[[ Records shown, beginning ]]

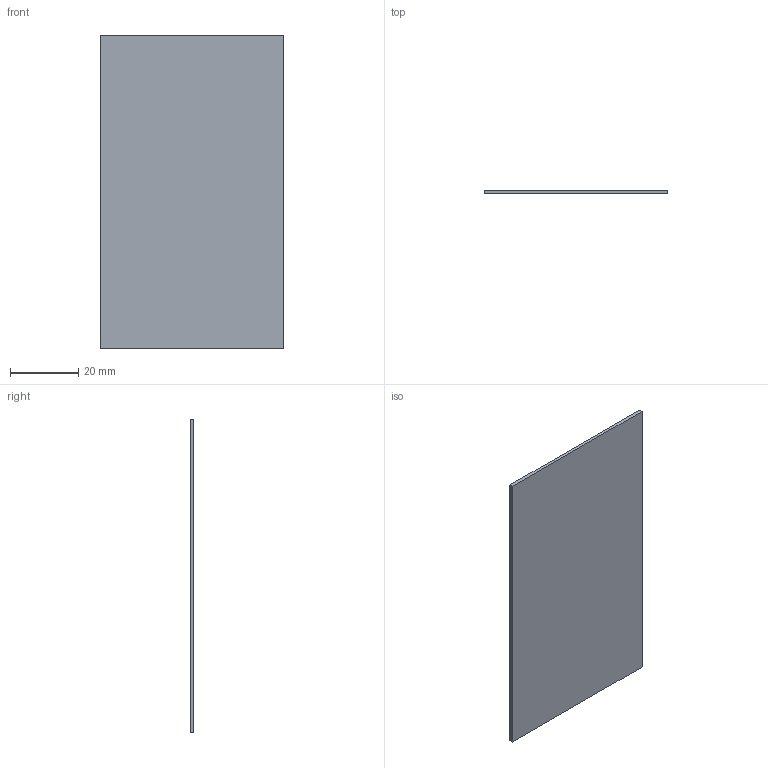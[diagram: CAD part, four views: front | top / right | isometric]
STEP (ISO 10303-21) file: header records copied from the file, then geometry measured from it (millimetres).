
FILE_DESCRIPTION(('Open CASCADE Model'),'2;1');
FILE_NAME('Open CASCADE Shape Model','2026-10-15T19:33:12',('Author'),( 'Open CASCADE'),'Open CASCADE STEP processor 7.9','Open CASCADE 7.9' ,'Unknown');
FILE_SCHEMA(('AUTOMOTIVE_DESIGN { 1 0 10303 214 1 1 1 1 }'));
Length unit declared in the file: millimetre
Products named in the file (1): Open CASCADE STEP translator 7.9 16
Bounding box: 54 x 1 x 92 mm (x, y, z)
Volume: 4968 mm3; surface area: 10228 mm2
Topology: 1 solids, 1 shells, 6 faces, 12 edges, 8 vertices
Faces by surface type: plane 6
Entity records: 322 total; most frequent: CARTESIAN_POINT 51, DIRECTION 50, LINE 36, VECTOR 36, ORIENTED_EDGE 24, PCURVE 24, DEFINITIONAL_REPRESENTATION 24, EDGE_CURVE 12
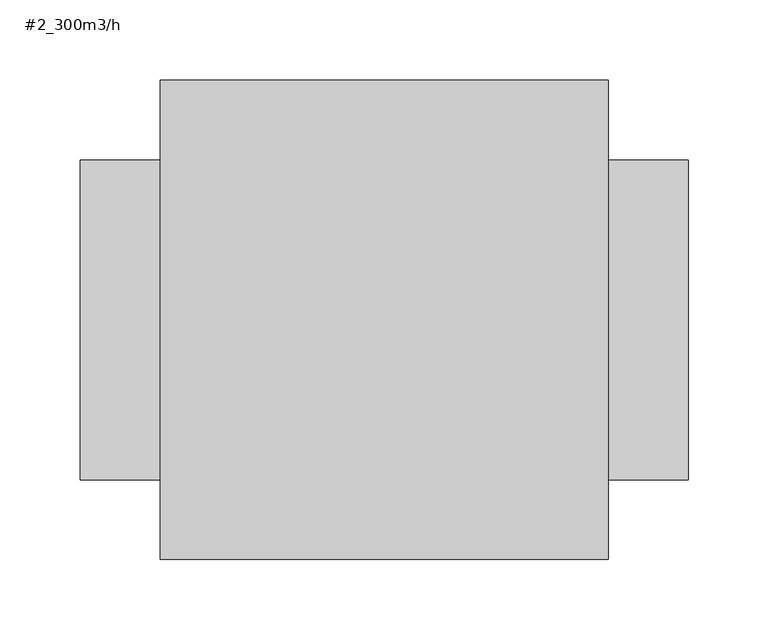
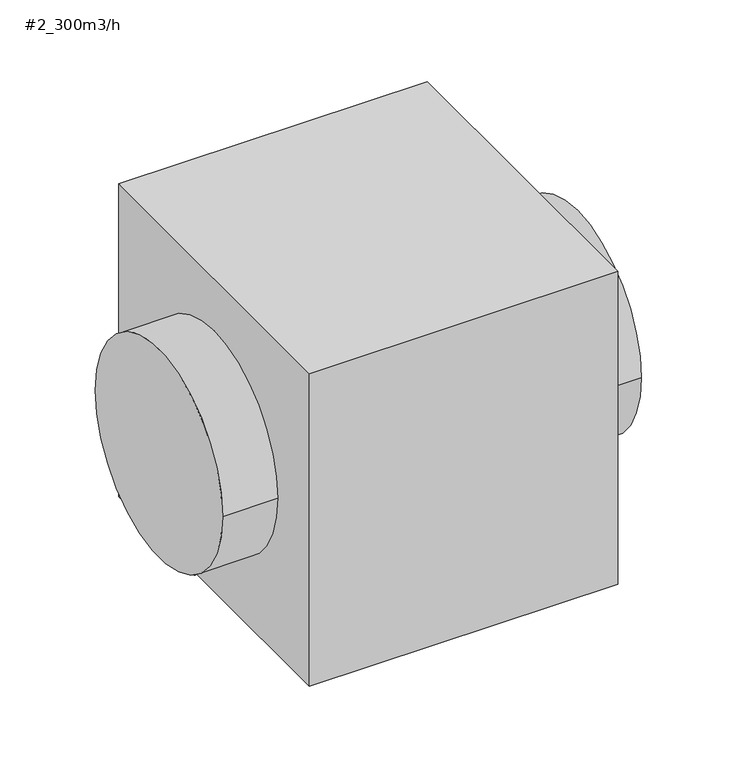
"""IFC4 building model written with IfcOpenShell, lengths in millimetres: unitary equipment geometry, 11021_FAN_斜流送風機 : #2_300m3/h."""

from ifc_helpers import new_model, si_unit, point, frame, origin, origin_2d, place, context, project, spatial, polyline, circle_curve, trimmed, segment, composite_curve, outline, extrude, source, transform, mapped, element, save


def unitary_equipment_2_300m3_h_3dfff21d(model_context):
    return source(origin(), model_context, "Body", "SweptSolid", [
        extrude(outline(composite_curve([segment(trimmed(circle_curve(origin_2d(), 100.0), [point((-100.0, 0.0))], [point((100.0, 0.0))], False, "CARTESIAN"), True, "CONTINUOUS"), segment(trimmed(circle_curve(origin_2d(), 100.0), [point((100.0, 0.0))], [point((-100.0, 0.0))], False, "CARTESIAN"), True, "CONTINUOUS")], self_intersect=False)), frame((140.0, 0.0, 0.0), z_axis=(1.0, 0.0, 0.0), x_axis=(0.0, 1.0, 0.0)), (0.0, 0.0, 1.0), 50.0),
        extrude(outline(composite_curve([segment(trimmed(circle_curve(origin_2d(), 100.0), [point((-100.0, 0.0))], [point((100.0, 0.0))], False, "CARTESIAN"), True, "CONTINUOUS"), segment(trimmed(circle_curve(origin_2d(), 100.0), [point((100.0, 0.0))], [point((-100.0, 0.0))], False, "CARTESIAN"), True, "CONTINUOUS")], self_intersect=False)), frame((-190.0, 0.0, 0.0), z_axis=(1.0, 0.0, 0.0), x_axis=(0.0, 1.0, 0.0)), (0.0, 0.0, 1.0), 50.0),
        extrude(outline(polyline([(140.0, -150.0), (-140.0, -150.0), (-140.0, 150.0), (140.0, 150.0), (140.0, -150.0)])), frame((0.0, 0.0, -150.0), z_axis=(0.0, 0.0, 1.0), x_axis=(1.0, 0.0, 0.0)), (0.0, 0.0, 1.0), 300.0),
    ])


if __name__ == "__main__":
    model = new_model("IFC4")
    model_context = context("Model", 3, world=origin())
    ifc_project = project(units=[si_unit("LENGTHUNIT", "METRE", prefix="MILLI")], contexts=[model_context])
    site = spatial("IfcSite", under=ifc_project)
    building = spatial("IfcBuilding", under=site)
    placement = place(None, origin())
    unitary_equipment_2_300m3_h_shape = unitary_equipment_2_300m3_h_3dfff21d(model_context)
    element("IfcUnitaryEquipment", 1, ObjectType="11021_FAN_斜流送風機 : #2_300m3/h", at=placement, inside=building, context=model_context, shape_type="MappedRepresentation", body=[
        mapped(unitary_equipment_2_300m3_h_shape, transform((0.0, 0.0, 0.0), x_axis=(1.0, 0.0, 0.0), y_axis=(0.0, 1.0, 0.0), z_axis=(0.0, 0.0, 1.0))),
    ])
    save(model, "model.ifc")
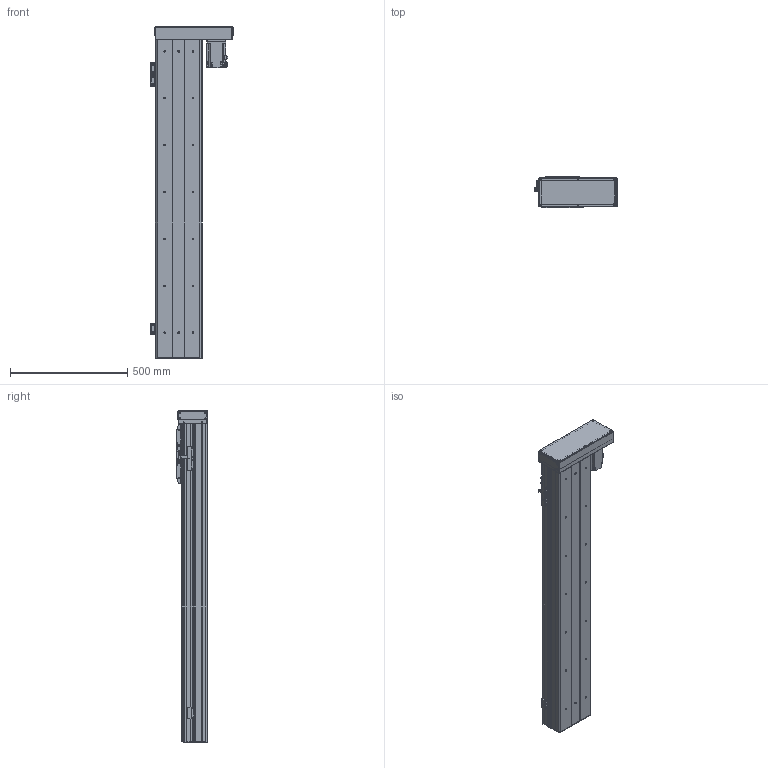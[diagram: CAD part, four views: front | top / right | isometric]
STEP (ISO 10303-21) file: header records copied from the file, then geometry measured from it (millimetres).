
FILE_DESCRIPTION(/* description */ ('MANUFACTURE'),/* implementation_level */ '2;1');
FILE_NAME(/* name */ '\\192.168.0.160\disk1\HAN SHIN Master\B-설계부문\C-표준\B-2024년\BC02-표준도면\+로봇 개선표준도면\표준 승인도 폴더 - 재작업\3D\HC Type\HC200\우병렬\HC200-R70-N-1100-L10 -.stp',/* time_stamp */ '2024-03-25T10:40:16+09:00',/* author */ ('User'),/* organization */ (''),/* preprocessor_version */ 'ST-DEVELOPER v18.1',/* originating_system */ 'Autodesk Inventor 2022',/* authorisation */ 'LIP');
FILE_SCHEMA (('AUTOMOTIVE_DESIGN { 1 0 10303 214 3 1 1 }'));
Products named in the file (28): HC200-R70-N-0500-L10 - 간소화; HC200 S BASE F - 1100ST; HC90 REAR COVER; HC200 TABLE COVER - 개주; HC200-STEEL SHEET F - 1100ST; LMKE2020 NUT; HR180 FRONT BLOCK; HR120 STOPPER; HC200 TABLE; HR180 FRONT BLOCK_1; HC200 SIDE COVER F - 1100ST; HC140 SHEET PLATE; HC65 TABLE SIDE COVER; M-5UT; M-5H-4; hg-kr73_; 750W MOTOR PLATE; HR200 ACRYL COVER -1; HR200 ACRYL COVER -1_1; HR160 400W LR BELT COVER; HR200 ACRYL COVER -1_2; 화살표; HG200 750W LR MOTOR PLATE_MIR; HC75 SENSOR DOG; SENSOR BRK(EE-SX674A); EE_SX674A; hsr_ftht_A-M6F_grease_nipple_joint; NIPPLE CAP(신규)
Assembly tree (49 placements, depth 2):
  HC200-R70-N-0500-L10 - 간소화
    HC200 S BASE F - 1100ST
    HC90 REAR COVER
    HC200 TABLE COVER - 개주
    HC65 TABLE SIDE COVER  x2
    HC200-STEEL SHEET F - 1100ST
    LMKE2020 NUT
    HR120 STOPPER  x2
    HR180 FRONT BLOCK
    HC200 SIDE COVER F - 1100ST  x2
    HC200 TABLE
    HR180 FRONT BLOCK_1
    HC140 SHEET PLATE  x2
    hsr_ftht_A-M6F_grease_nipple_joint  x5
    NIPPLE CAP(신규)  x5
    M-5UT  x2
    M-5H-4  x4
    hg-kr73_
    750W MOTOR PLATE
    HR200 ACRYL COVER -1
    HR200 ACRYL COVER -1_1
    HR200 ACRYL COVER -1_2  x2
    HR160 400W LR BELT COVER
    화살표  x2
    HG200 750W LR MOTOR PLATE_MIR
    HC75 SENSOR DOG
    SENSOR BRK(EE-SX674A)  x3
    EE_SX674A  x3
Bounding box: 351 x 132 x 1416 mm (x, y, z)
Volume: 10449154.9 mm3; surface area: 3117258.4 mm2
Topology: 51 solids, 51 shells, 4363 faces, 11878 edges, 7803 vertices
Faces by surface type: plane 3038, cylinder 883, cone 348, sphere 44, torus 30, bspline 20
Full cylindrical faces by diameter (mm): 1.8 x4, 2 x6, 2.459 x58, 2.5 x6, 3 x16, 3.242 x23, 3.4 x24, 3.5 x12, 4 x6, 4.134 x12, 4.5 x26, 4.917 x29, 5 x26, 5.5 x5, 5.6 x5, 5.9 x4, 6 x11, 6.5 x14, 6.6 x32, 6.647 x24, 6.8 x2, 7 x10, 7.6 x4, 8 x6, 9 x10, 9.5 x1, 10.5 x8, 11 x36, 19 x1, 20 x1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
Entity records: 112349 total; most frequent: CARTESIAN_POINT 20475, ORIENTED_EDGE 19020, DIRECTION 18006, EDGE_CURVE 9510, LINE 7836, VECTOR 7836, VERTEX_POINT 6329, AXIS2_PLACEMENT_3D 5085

[[ Records shown, end ]]

Please work out how many lines of the listing hold the word "under" and reply with only that number.

2